((
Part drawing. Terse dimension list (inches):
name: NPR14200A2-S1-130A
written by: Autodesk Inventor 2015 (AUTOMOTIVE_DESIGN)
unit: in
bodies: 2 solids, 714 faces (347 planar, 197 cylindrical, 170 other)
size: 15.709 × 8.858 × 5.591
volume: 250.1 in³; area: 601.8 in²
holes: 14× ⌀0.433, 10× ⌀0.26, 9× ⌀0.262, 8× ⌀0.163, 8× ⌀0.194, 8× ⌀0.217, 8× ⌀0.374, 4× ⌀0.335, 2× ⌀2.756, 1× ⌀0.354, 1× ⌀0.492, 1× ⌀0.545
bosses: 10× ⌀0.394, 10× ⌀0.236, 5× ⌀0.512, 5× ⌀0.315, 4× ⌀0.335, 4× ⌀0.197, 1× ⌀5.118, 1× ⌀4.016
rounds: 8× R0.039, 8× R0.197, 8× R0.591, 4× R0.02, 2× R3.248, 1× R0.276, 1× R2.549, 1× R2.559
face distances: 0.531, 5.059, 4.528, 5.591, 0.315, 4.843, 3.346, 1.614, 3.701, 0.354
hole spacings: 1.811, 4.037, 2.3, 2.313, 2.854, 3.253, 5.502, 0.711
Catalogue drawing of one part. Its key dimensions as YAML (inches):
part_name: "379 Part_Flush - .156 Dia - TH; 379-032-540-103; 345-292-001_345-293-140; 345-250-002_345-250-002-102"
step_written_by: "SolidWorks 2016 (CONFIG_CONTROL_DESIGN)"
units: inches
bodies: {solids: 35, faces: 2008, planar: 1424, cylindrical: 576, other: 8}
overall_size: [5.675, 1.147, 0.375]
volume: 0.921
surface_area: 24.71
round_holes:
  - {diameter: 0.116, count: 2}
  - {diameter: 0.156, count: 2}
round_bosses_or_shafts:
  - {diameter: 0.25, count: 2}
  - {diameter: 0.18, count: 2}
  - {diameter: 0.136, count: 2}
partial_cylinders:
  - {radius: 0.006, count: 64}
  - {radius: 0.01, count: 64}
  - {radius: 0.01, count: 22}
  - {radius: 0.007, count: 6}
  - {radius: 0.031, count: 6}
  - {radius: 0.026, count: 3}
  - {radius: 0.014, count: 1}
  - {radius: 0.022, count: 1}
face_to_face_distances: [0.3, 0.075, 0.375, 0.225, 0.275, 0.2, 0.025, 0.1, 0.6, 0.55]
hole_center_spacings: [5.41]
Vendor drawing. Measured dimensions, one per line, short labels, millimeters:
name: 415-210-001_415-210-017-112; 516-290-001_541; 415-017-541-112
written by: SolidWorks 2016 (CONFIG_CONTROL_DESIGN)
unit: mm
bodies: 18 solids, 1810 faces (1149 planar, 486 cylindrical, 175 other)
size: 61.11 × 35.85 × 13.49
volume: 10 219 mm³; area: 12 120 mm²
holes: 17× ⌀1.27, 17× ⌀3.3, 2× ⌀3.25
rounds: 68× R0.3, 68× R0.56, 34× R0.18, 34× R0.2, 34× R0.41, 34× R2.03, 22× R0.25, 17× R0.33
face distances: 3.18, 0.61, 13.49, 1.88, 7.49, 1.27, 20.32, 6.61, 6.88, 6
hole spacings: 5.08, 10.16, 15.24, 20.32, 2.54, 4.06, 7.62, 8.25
))
### Action item
Search the material above for "volume". Copy each line that has it.

### Response
volume: 250.1 in³; area: 601.8 in²
volume: 0.921
volume: 10 219 mm³; area: 12 120 mm²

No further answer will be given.